##### Materials provided
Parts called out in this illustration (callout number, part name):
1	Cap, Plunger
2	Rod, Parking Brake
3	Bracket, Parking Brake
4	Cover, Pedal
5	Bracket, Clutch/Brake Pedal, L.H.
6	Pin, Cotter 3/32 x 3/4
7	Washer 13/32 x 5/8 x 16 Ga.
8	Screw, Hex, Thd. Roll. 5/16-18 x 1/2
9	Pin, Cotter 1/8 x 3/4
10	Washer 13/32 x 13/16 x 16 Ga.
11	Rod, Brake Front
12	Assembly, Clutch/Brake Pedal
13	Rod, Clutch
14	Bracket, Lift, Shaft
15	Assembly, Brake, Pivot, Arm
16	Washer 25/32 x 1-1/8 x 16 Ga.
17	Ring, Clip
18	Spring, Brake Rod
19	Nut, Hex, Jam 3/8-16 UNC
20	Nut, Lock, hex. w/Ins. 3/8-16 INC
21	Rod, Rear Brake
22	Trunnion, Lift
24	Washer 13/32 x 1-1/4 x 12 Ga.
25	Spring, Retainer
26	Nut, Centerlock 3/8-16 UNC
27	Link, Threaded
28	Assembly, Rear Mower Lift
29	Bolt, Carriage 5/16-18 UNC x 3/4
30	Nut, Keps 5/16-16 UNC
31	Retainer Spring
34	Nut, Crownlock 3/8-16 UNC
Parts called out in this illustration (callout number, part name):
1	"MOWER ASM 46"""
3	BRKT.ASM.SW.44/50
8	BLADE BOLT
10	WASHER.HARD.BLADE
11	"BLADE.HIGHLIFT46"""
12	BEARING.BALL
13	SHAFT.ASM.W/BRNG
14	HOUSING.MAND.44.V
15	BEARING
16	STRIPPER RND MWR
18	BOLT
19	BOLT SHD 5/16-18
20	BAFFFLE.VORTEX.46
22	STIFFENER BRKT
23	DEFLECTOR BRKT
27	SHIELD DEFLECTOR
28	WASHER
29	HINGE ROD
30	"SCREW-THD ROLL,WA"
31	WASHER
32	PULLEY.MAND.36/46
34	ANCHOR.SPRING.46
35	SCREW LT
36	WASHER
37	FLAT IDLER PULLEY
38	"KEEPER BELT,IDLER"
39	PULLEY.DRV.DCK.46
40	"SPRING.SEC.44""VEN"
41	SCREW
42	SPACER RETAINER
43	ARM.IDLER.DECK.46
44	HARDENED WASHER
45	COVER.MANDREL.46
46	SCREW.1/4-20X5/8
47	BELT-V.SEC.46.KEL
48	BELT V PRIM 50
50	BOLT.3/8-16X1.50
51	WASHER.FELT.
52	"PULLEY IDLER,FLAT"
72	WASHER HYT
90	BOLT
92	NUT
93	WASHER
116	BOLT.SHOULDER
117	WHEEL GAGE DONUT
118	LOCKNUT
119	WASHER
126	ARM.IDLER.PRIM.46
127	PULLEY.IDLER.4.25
##########
▶ _Aim of the task_:
Filter the records for lines containing the word "Assembly" and copy each one.

▶ _Finished exercise_:
12	Assembly, Clutch/Brake Pedal
15	Assembly, Brake, Pivot, Arm
28	Assembly, Rear Mower Lift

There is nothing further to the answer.